To remove items from a hash table, you cannot simply seek the item and then make its location in the hash table empty. The reason is that the item might be part of a chain of items that have the same hash number. I will explain this with an example.
First, an element is stored with the key “apple”. This element ends up at index 10. Second, an element is stored with the key “banana”. This element ends up at the same hash number as “apple”, so it gets stored at index 11 (with “linear probing” and a perturbation value of 1). Then, the key “cherry” is used to store an element, which again ends up with the same hash number, and thus gets stored at index 12.

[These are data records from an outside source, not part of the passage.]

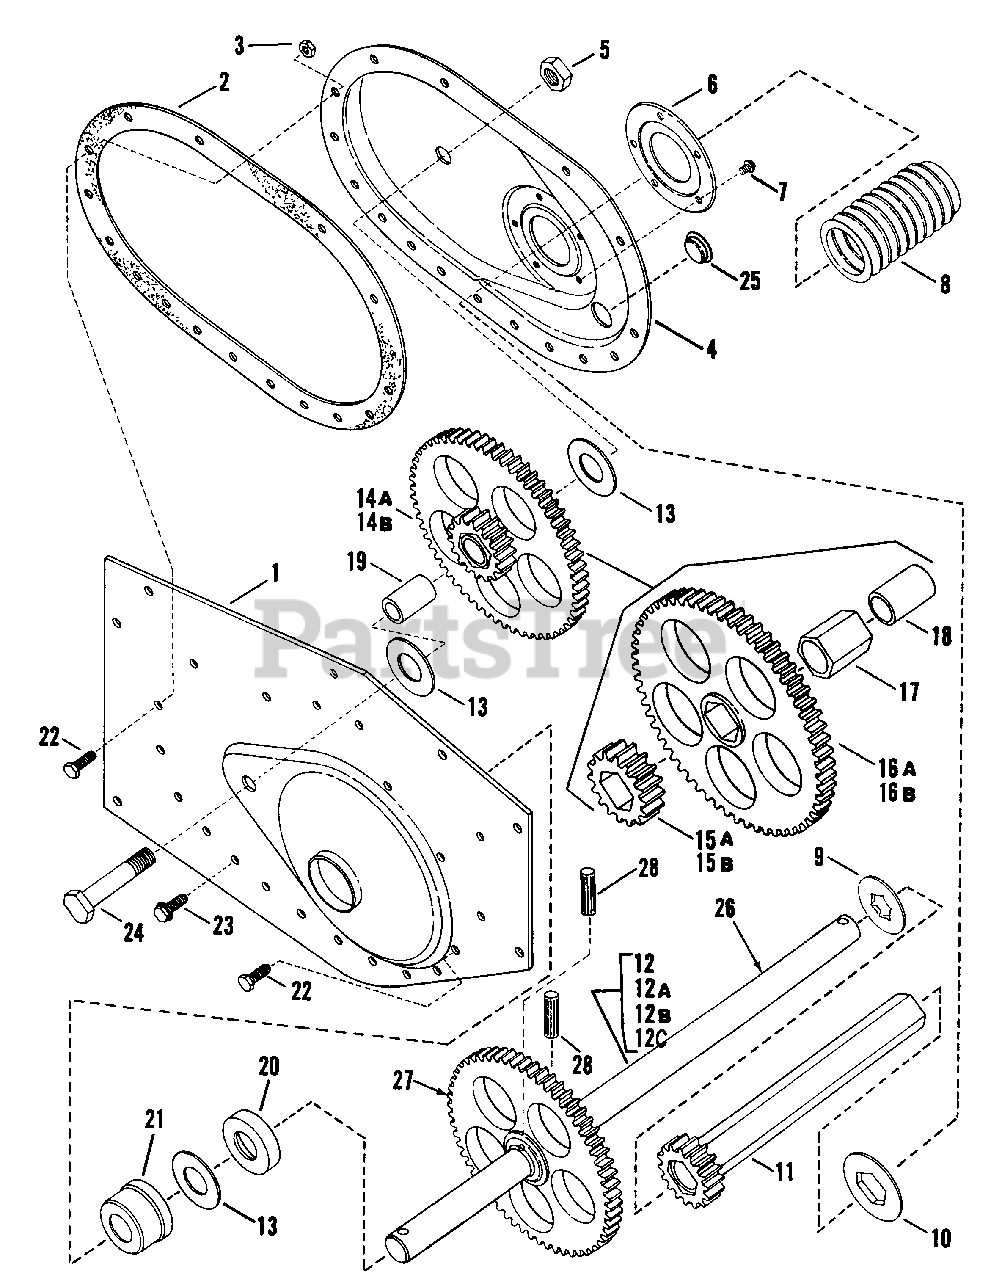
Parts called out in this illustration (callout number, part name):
1	FRAME, Left Side
3	NUT, 1/4-28 Hex Top Lock
5	NUT, 1/2-20 Hex Jam Center Lock
6	RETAINER, Boot
7	SCREW, #10-32 x 1/4" Hex Washer (slotted) Self-Tap
8	SEAL, Short
9	WASHER, Thrust
10	WASHER, Plastic
11	ASSEMBLY, Tube Drive
12	WELDMENT, Axle
12A	AXLE REPLACEMENT
12B	AXLE REPLACEMENT
12C	ASSEMBLY, Axle & Gear
13	WASHER, Thrust
14A	GEAR ASS'Y, Cluster
14B	GEAR ASS'Y, Cluster
15A	GEAR, 16 Tooth/10 P Hex
15B	GEAR, 15 Tooth/10 P Hex
16A	GEAR, 63 Tooth
16B	GEAR, 64 Tooth
17	TUBE, Hex
18	BEARING
19	SHAFT
21	BEARING, Axle .75" ID x 1.626"/1.75" OD x 1.06" Long
22	SCREW, 1/4-28 x 1/2" Hex Head Cap, Grade 5
23	SCREW, 1/4-20 x 1/2" Hex Washer Self-Tap
24	SCREW, 1/2-20 x 1-7/8" Hex Head Cap, Grade 5
25	PLUG, 3/4"
26	SHAFT, Axle
27	GEAR- 64 Tooth
28	PIN, Groove

When “cherry” is searched for, the hash number indicates index 10, where “apple” is stored. Since this is not “cherry”, it checks index 11, where “banana” is stored. Since this is still not “cherry”, it checks index 12, and finds “cherry”.
Now, suppose that the element with the key “banana” is removed, by making the slot with index 11 empty. Then, when searching for “cherry”, the procedure first finds “apple”, and then an empty slot, so it concludes that “cherry” is not in the hash table. This is wrong.
How can this be solved? Should you move all the elements which are later in the chain to earlier places in the chain? No, that is not a good idea; not only is this an expensive procedure, but these elements might actually be part of different chains, so moving them is not allowed.
The solution is therefore to indicate that the slot where the item is removed from is “empty”, but still potentially part of a chain. Commonly, the key is left in the table, but the associated element is removed. This entails that the slot therefore might be overwritten, but is not considered the end of a chain.